We have a concrete sidewalk that the 'finishers' did not feel needed a good brooming - we live where we got 88+ inches of snow this year. This sidewalk is just too smooth and my husband is threatening to tear it up and redo it. I want to first investigate if there is an alternative way to rough up the surface. The sidewalk in front of my quilting studio is perfect - no slippery sidewalk.

What can I suggest to him before he gets the sledge out and gives himself a heart attack.
Thanks,
Mary


----------



## downunder (Jun 13, 2008)

Sidewalks/concrete aren't my specialty (of landscaping) but I'm thinking that you could put a resurface coat on it then broom that. That is the process used for when concrete gets spalling (flaking), small cracks, etc. It's just a very thin coat, about 1/16 inch to 1/4 inch and usually smoothed out with a squeege but I don't see why you couldn't broom it just as well. HD, Lowes sell it as I'm sure your local building supply would. As best as I remember it's about $20 for a bag that covers about 50 sq ft. Or there are other products that go on a little thicker.

Maybe someone else can add something and I'll learn an extra way.


----------



## TxHeart_4uAC (Mar 22, 2009)

*Rough it up!!*

I don't normally do anything with construction of sidewalks, but an idea I had when I read this posting was: Get a bag of concrete (same color) mis some pebbles in with it, and lay a coat over your existing concrete!! Just a suggestion.


----------



## Dugger52 (Mar 26, 2009)

If she's living with 88+ inches of snow that's a lot of freeze and thaw and moisture and it will just spald off. I'd ask around and find a good concrete finisher and see what they. If they say acid wash I'd keep looking. There are some mechanical methods but I'm not so sure you'll like the look. 

The only other option is that you could paint it and put a lot of abrasive in the paint. You'd probably need to do it every year or two but they do have a concrete gray color that's a dead ringer for the real thing.


----------



## tuco44 (Sep 9, 2009)

*Slippery sloap*

You can always buy a good concrete paint and mix some sand in with it.

How do you clean your walks? Broom, shovel, snow blower? This is a variable you need consider when deciding your plan of action. 

Stamped, aggregate and tile sidewalks are for warmer climates with no snow and ice.
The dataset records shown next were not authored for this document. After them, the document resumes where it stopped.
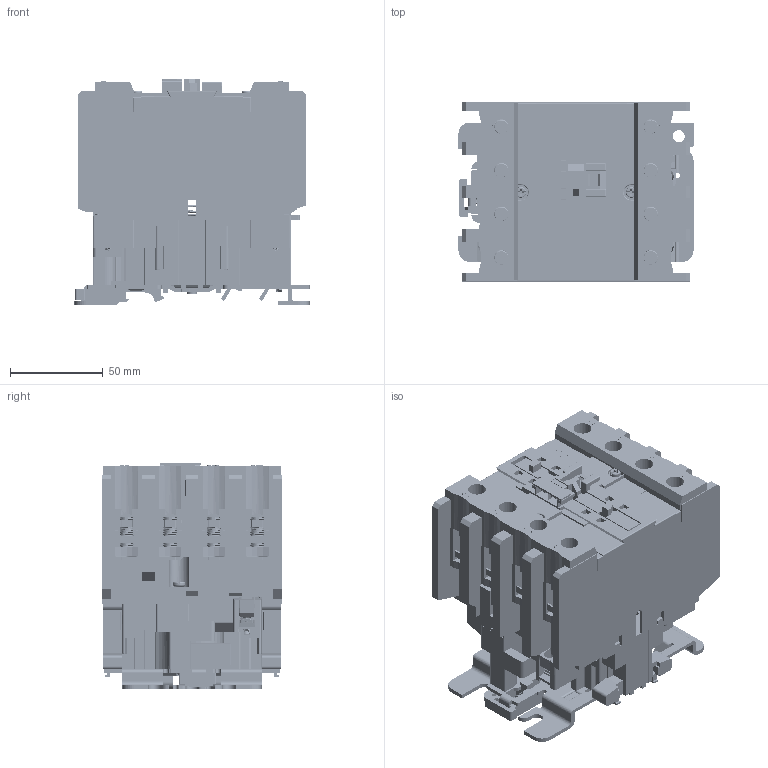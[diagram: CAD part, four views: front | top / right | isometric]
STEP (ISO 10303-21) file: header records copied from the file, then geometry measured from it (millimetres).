
FILE_DESCRIPTION((''),'2;1');
FILE_NAME('CJX2-8000400_ASM','2023-07-28T13:43:11',('Administrator'),(''),'CREO PARAMETRIC BY PTC INC, 2020033','CREO PARAMETRIC BY PTC INC, 2020033','');
FILE_SCHEMA(('CONFIG_CONTROL_DESIGN'));
Products named in the file (42): CJX2-40000; CJX2-40100; CJX2-40200; CJX2-40000_ASM; CJX2-4000; CJX2-400009; CJX2-400010; CJX2-400011; M3_5X9_50002; 7_5X2_600; M3_5X9_50001_ASM; CJX2-400008_ASM; CJX2S-800001; CJX2-800400; CJX2-8004000; CJX2-80040005; CJX2-40_A; CJX2-80001; CJX2-40001; CJX2-400014; CJX2-400015; CJX2-40_AF_ASM; CJX2-40002; CJX2-09000; M3_5X180001; M3_5X480001; CJX2-400016; CJX2-8000400_ASM
Assembly tree (115 placements, depth 4):
  CJX2-8000400_ASM
    CJX2-40000
    CJX2-40000_ASM
      CJX2-40000  x39
      CJX2-40100  x2
      CJX2-40200
    CJX2-40000  x2
    CJX2-4000
    CJX2-400008_ASM
      CJX2-400009
      CJX2-400010
      CJX2-400011
      M3_5X9_50001_ASM  x3
        M3_5X9_50002
        7_5X2_600
    CJX2S-800001
    CJX2-800400
    CJX2-8004000  x2
    CJX2-800400
    CJX2-800400
    CJX2-80040005
    CJX2-4000
    CJX2-40_A
    CJX2-80001  x4
    CJX2-40_AF_ASM
      CJX2-40001
      CJX2-400014
      CJX2-400015
    CJX2-40_AF_ASM
      CJX2-40001
      CJX2-400014
      CJX2-400015
    CJX2-40_AF_ASM
      CJX2-40001
      CJX2-400014
      CJX2-400015
    CJX2-40_AF_ASM
      CJX2-40001
      CJX2-400014
      CJX2-400015
    CJX2-40002  x4
    CJX2-40_AF_ASM
      CJX2-40001
      CJX2-400014
      CJX2-400015
    CJX2-40_AF_ASM
      CJX2-40001
      CJX2-400014
      CJX2-400015
    CJX2-40_AF_ASM
      CJX2-40001
      CJX2-400014
      CJX2-400015
    CJX2-40_AF_ASM
      CJX2-40001
      CJX2-400014
      CJX2-400015
    CJX2-8004000
    CJX2-8004000
    CJX2-09000
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Bounding box: 126.7 x 96.5 x 122.1 mm (x, y, z)
Volume: 757399.4 mm3; surface area: 397864.1 mm2
Topology: 112 solids, 112 shells, 8071 faces, 22603 edges, 14870 vertices
Faces by surface type: plane 5245, cylinder 2195, bspline 445, sphere 85, torus 82, cone 19
Entity records: 168904 total; most frequent: CARTESIAN_POINT 47631, ORIENTED_EDGE 26036, DIRECTION 23496, EDGE_CURVE 13018, VECTOR 10632, LINE 10632, VERTEX_POINT 8578, AXIS2_PLACEMENT_3D 6432

In the future, just a good old fashioned broom finish on your concrete is best for winter conditions. 

Regards and good luck


----------



## Mr Chips (Mar 23, 2008)

is it actual sidewalk that runs the frontage of your property? or just a walkway from front door ?

if walkway, you could try something like this http://www.nonslipcoating.com/concrete.htm

or this http://www.interstateproducts.com/nonslipproducts.htm

not sure if it would be practical for actual sidewalk


----------